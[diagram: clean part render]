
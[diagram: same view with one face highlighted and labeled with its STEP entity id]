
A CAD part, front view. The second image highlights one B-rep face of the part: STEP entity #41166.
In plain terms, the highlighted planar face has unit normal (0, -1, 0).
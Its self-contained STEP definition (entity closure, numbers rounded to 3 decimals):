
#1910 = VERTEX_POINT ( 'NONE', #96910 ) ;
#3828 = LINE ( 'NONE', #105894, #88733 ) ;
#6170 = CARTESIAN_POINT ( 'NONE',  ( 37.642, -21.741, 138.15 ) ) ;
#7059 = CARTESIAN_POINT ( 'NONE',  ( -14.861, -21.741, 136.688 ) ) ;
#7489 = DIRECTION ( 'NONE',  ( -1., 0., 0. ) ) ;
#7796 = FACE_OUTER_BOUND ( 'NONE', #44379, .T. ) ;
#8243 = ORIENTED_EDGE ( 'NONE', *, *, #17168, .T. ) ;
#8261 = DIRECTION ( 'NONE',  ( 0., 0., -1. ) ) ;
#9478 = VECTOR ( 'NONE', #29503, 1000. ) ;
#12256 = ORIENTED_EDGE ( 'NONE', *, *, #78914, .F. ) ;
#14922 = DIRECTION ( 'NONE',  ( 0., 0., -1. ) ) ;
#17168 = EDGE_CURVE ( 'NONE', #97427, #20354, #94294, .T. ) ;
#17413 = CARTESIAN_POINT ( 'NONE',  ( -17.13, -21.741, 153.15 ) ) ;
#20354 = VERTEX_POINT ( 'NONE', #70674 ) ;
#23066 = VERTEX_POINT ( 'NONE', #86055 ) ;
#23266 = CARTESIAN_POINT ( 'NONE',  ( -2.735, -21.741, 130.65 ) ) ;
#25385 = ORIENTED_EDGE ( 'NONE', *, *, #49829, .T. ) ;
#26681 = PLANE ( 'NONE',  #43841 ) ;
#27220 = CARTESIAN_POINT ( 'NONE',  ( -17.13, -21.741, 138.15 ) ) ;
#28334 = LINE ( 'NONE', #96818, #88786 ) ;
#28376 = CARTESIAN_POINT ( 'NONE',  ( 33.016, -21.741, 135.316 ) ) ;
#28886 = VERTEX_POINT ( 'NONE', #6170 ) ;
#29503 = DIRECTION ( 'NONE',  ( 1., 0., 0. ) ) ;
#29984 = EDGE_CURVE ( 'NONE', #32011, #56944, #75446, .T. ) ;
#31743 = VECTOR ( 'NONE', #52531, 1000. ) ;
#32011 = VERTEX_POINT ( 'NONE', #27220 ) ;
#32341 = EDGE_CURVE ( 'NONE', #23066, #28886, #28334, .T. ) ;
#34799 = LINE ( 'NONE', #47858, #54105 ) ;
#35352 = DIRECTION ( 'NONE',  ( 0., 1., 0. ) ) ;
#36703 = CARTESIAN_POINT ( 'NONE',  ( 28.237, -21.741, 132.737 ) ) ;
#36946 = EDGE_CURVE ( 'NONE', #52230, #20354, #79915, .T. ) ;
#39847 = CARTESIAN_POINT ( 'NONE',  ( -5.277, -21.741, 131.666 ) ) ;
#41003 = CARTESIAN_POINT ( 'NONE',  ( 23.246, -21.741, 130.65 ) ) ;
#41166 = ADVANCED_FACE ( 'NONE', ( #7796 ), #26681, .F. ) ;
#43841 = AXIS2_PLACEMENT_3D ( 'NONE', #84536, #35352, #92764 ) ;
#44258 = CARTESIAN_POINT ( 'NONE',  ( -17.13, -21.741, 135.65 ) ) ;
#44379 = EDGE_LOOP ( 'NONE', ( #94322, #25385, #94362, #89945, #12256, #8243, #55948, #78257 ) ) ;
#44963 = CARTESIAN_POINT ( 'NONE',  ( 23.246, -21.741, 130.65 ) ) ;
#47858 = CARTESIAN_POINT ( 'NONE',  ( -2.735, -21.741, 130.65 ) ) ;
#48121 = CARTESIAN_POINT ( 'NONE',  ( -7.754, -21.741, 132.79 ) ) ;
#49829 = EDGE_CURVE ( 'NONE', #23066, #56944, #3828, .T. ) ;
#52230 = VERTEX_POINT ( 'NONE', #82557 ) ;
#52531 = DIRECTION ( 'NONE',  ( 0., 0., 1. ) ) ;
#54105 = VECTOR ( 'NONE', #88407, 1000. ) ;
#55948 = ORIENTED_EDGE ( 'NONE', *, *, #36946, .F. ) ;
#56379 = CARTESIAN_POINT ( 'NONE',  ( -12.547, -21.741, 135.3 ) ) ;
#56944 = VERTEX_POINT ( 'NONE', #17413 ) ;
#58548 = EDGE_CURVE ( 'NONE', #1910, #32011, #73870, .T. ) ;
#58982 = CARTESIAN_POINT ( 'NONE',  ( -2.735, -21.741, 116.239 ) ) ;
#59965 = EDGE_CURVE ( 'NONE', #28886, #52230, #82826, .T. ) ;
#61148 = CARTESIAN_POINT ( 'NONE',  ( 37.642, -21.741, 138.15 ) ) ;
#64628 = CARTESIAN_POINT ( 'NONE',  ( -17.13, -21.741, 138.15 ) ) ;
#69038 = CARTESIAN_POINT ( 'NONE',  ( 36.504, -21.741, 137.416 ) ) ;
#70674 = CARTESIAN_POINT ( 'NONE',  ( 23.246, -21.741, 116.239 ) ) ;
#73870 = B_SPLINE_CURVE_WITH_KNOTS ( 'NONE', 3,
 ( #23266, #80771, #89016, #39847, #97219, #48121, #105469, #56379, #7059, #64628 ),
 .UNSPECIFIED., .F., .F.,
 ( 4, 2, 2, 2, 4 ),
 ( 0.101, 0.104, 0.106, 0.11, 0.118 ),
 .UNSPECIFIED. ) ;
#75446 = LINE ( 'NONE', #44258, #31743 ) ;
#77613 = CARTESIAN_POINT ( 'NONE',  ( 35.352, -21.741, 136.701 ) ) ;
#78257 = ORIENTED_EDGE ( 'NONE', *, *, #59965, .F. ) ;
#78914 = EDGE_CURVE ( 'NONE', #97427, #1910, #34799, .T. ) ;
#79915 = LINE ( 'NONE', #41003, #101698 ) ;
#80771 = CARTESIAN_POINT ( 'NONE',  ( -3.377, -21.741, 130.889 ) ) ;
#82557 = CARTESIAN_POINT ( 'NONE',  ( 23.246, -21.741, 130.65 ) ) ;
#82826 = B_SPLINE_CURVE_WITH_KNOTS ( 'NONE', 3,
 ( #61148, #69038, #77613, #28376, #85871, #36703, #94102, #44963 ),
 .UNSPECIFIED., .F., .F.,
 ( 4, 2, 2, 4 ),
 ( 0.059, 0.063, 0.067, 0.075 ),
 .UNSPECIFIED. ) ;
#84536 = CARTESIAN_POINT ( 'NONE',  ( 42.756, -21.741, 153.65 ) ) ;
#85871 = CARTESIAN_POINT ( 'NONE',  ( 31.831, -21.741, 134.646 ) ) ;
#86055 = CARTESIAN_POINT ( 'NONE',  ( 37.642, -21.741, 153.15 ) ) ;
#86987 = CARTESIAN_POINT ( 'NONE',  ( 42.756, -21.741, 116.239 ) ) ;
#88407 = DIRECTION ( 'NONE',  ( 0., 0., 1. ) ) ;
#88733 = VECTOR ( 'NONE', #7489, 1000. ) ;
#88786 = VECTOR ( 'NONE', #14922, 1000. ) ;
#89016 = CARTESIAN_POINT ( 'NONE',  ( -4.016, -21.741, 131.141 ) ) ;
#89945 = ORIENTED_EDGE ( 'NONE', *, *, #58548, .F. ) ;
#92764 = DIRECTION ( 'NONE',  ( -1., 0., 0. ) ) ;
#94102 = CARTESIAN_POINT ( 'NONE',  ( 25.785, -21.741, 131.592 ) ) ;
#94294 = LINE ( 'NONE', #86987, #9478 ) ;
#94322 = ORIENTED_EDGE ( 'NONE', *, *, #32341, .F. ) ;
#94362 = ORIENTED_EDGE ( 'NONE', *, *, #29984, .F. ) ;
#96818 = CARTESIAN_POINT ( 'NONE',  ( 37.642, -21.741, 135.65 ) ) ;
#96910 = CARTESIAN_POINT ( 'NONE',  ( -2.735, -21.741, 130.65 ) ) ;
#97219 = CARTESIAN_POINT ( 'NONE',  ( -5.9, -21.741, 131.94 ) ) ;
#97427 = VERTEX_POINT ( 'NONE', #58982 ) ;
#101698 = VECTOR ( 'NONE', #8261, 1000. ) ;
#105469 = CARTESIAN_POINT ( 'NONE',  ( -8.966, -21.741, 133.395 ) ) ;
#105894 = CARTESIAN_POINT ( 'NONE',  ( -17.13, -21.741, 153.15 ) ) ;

○ ○ ○

From the records above, quote only the lines running from the line with "#52230 = VERTEX_POINT ( 'NONE', #82557 ) ;" to the line with "#59965 = EDGE_CURVE", both lines included.

ANSWER SECTION:
#52230 = VERTEX_POINT ( 'NONE', #82557 ) ;
#52531 = DIRECTION ( 'NONE',  ( 0., 0., 1. ) ) ;
#54105 = VECTOR ( 'NONE', #88407, 1000. ) ;
#55948 = ORIENTED_EDGE ( 'NONE', *, *, #36946, .F. ) ;
#56379 = CARTESIAN_POINT ( 'NONE',  ( -12.547, -21.741, 135.3 ) ) ;
#56944 = VERTEX_POINT ( 'NONE', #17413 ) ;
#58548 = EDGE_CURVE ( 'NONE', #1910, #32011, #73870, .T. ) ;
#58982 = CARTESIAN_POINT ( 'NONE',  ( -2.735, -21.741, 116.239 ) ) ;
#59965 = EDGE_CURVE ( 'NONE', #28886, #52230, #82826, .T. ) ;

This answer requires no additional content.